It has been two weeks or maybe two years, it’s hard to tell my body is so weary. When I check the calendar and dispose of the dead flower arrangements, it is confirmed that fourteen days ago my husband had a heart attack. A fortnight since I sat screaming at the UNC basketball team and hiding from a tornado inside a pantry with seven kids and two other moms. A lifetime ago when I stomped around and sulked about what a jerk he had been the night before, while his arteries were slowly choking off blood and oxygen to his brain and heart. A moment in time that marks our B.S. life (before surgery) and our A.D. (another day) one.
I was warned the waiting would be the hardest part. By Sunday morning the surgery was scheduled. I sat listening to the cardiologists say Greg will need triple bypass surgery, blahblahblahblahblah, heart of a 70 year old, blahblahblahblahblah, really great surgeon, blahblahblahblahblah, gonna need church on a treadmill/total change of lifestyle, blahblahblahblahblah. We made calls, parceled out children, asked a friend to walk the dog. I stood angry and scared as I watched my husband bloated with medicines lie helpless in a hospital bed, not needing the change of clothes I had naively brought that morning. Why couldn’t they let him shower? Start clean shaven. Because it would be a totally stupid waste of water and time. Instead they shaved his legs, chest, and wrists twice. Made spaces for ports, and lines, and cameras to be fed down his leg and extract the vein which would be used to replace the defunct arteries in his heart. I tried to get him to do laser hair removal this fall; my way would have been a lot easier.
Sunday night was the worst night of my life. As my middle girl, the one who looks most like her daddy, lay quietly next to me, I jolted every fifteen minutes. I walked through the valley of the shadow of death. It was black and cold, with whisp-like bats soaring directly at my head. I kept ducking and darting, spelunking all around this cave of hell, longing to find the devil with red horns and some fire to warm me up. I felt like an animal in the wild, running for safety, hoping I had enough energy and luck to survive until daylight. I remembered Mrs. Hanchey making us memorize the 23rd psalm in fourth grade. But I could find no rod or staff to comfort me. No green pastures or still waters. I knew perhaps if I could hang on til morning I would be able to find some of those things. I called the nurse at 4 am -thank God for overnight operators and night-shift nurses who serve and pray and comfort even the crazy spouses sobbing into the phone. She assured me Greg was fine, resting better than most and he would be ready in the morning.

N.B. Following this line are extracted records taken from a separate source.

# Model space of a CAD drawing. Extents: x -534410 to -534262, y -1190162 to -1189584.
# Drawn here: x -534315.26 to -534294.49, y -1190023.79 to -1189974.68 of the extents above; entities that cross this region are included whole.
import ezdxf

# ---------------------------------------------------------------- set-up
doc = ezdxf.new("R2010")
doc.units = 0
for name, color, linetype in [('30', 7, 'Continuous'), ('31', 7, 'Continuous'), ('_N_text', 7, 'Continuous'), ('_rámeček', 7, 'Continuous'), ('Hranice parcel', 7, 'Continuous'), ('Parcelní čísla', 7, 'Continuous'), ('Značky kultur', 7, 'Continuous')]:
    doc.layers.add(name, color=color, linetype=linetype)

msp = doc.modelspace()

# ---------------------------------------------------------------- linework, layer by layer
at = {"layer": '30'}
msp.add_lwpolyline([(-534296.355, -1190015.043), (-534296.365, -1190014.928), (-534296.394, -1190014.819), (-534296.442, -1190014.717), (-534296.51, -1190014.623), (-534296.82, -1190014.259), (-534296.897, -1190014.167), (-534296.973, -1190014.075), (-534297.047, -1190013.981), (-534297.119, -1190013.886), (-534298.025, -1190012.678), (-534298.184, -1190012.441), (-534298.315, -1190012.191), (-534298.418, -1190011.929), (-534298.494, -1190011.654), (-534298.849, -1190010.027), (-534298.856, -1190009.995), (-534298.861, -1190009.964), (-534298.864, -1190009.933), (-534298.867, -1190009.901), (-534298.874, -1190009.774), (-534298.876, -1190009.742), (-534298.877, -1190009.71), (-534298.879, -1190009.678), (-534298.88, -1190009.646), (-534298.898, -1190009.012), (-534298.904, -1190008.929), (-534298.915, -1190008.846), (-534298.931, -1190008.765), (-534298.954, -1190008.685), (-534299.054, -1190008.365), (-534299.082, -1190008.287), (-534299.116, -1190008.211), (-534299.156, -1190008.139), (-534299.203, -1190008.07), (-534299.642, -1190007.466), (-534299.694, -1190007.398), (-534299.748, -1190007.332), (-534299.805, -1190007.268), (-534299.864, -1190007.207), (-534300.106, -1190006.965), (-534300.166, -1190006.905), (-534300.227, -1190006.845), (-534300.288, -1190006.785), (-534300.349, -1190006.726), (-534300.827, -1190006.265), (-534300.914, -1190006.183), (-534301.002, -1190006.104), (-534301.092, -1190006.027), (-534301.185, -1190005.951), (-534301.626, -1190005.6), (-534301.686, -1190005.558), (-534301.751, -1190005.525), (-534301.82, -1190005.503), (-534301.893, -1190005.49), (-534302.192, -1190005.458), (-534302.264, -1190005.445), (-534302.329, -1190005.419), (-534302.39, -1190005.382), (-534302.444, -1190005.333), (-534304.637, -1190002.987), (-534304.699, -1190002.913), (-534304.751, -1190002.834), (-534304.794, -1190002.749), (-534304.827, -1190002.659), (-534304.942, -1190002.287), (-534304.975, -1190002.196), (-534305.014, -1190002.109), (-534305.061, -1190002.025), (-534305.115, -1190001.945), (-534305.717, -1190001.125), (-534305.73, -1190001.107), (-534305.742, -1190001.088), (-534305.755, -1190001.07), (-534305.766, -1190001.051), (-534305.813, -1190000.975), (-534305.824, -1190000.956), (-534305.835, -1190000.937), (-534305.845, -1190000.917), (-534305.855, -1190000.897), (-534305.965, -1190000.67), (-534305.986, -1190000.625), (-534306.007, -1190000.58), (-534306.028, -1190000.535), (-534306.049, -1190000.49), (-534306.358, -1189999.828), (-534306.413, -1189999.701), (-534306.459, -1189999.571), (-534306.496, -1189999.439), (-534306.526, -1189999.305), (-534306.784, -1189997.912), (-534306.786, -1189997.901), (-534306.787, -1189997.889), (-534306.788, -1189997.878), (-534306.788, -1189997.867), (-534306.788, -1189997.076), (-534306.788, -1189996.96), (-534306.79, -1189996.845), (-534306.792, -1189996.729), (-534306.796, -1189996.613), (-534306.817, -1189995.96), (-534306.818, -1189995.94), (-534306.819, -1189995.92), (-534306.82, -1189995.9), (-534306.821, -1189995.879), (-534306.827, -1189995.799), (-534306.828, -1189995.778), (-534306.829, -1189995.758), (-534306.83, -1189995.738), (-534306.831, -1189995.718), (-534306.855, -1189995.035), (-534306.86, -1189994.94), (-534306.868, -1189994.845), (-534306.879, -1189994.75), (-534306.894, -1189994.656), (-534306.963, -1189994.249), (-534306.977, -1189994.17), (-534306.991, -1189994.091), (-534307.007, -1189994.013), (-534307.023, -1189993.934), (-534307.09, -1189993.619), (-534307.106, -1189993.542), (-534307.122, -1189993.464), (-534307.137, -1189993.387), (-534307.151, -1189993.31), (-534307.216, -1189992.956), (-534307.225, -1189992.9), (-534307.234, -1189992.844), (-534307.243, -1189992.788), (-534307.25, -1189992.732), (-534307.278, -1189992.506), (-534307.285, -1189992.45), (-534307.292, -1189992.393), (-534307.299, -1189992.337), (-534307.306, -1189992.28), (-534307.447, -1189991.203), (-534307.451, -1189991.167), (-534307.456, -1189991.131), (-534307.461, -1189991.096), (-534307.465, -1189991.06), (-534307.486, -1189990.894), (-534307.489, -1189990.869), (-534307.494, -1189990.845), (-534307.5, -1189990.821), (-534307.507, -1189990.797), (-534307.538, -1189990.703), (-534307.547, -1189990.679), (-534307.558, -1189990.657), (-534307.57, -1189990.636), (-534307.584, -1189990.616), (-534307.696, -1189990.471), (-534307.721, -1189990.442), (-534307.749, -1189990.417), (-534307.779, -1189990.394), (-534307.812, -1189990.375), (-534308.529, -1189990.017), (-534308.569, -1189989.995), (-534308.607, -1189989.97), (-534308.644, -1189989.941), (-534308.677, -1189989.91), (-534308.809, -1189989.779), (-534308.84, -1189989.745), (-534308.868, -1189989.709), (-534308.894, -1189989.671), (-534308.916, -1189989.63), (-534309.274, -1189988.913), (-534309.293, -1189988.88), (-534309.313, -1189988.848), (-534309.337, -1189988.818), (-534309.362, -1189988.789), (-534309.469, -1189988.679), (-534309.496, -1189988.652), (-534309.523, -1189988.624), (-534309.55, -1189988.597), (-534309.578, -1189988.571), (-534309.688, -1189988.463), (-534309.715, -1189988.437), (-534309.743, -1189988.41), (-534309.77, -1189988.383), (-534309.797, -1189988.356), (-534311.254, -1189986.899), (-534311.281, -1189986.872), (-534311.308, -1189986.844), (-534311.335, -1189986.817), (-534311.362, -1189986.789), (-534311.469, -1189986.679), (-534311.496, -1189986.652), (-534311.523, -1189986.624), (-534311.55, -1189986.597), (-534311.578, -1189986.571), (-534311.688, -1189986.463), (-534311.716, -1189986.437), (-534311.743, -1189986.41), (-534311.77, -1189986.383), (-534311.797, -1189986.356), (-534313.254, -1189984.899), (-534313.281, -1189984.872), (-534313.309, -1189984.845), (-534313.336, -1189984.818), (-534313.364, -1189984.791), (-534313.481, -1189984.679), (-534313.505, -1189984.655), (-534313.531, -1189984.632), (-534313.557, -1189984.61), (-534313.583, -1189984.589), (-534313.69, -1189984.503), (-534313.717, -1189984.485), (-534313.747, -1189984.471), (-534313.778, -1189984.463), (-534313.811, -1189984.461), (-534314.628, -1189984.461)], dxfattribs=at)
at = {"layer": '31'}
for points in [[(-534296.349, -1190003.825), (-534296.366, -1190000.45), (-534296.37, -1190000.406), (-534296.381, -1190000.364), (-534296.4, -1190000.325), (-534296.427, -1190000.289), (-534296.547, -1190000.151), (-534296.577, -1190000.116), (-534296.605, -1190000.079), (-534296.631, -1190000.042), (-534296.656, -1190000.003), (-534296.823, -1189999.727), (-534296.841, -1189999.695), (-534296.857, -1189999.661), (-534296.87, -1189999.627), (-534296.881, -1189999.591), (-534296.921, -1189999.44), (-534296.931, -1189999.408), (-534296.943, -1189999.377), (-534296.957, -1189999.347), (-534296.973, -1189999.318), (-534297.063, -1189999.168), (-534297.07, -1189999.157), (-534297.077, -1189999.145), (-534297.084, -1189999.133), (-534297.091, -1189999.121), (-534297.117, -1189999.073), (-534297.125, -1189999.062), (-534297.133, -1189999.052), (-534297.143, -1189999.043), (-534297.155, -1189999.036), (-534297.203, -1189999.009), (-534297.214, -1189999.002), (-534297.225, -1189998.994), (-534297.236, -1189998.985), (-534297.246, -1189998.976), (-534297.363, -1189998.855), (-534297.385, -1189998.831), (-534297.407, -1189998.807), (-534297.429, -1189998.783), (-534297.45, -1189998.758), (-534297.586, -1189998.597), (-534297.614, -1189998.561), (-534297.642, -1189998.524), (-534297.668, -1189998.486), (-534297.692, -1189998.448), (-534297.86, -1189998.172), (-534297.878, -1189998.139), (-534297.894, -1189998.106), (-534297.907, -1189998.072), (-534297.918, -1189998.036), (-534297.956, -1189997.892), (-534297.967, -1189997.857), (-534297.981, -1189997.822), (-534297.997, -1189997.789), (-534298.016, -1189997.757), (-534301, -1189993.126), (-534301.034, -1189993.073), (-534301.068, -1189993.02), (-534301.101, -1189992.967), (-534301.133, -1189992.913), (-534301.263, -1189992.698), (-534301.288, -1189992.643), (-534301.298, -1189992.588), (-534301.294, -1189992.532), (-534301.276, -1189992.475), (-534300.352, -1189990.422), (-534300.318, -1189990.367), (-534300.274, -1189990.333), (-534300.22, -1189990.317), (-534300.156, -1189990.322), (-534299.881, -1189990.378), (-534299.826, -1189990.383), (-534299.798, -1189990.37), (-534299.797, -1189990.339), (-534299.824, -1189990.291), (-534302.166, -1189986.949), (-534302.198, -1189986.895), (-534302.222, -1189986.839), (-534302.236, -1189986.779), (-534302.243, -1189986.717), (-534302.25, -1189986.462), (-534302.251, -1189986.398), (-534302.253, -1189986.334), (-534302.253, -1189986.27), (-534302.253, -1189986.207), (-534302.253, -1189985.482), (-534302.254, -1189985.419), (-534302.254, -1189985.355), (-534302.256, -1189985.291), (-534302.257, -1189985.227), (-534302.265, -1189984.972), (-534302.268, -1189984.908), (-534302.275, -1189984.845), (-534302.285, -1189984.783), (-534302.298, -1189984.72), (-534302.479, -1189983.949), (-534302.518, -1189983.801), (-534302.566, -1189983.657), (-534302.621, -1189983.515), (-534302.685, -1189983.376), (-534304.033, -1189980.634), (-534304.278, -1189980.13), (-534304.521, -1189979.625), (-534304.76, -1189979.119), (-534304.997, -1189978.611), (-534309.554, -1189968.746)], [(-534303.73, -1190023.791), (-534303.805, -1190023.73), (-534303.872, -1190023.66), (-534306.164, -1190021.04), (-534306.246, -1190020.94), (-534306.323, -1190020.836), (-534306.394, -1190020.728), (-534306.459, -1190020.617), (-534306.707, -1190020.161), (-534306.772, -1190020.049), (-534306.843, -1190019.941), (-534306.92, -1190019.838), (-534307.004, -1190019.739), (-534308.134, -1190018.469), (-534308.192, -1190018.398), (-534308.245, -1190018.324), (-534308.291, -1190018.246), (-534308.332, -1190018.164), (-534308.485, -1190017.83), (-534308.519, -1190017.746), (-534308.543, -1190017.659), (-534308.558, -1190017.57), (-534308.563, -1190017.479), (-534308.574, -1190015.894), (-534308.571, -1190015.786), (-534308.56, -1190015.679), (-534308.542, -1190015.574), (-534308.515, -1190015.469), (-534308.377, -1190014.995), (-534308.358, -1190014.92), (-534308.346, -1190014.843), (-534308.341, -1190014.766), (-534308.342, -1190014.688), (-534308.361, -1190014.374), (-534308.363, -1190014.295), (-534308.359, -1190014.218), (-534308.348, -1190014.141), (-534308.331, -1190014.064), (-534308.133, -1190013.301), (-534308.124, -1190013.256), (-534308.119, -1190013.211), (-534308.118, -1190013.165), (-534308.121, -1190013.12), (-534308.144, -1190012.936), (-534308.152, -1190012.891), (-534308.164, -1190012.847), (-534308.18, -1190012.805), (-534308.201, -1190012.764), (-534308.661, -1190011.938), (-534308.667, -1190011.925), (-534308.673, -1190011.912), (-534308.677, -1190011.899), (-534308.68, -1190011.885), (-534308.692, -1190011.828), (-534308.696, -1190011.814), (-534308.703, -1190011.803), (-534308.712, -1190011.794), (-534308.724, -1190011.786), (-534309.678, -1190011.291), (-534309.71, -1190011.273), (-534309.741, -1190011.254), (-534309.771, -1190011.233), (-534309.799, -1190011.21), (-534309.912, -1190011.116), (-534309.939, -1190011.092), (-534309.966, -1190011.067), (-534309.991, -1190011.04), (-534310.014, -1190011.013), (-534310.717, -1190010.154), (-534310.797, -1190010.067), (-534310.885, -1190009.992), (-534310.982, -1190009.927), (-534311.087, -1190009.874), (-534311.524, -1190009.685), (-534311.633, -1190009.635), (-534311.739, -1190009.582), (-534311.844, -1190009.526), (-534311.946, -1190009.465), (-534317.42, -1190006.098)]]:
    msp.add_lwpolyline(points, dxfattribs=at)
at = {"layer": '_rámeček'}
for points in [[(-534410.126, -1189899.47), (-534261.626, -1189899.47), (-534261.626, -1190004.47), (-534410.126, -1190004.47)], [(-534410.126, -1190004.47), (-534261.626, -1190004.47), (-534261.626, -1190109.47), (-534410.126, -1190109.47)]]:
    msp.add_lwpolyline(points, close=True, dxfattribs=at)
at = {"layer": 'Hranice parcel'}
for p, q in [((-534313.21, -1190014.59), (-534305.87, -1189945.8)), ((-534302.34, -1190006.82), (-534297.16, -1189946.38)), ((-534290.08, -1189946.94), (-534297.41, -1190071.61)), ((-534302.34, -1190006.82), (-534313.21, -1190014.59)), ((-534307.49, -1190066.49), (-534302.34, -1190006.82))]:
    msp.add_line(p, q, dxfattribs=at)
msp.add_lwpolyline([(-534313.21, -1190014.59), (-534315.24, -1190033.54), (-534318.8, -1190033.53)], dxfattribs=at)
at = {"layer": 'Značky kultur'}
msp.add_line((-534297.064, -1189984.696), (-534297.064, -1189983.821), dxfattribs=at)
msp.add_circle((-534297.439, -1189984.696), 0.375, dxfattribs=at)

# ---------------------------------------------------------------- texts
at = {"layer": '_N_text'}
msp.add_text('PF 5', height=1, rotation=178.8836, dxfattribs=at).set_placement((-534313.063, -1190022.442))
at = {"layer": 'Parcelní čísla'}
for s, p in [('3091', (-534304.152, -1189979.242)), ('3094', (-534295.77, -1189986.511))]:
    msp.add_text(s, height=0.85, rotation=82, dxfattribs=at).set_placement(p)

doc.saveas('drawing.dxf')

And then game day. I showered and dressed ready to knock one out of the park as they say. They wheeled him to pre-op at 10:30, shot his butt with morphine while he sang a song about his “lower back with a crack” which made everyone laugh except the prisoner patient chained to his bed next door. And then we waited. Six and half hours of surgery. 30 second updated every two hours: “all is going as expected”. We ate health-food snacks in the sunny courtyard of the hospital, pretending it was college or “My Own Private Grey’s Anatomy”. We whittled the time away, stopping for a prayer huddle towards the end. We waited and hoped. They never stopped his heart. While his chest was splayed open like a fish being gutted, the heart thumped the entire time, slow and steady, never missing a beat. We saw him with chest tubes and monitors and holes and stitches all over his body as he lay sedated but fixed. His head turned when I said the girls names and told him Roy wanted a walk. Medicine and surgeons and nurses and discovery are truly miracles for which I humbly thank God.
So what now? Recovery? A new life? It’s not that easy. What took 44 years to break down will take more than 2 weeks to build back up. We are literally being carried by thousands of friends who are praying cooking, driving, sitting, chatting, working, loving for us. The work is shifting from the skilled hand of doctors and caretakers back to us, the owners of these lives. It feels a bit like being a first time parent when you are so tired and emotionally drained from getting TO the baby part it seems absolutely absurd anyone would dream of handing you a life to manage on your own. Only there is little joy in this new life. And it weighs heavier than anything I have carried before. For those who want to know how to help I have two answers. First: Bear with me. I am not myself. I don’t know what day it is or who needs what permission slip to go where or how to write a marketing report or blog post or even how to parent. I don’t know if I have slept or merely closed my eyes. I am trying to put one foot in front of the other but even that is hard. Second: Offer each other glasses of water. Anne Lamott says that’s how we know the light of God is getting through. Be kind. Love your children. Run outside (you can take a hot shower when you are done). Eat good food. You will not find the answer in retail therapy or really anywhere indoors. Breath. Because you can.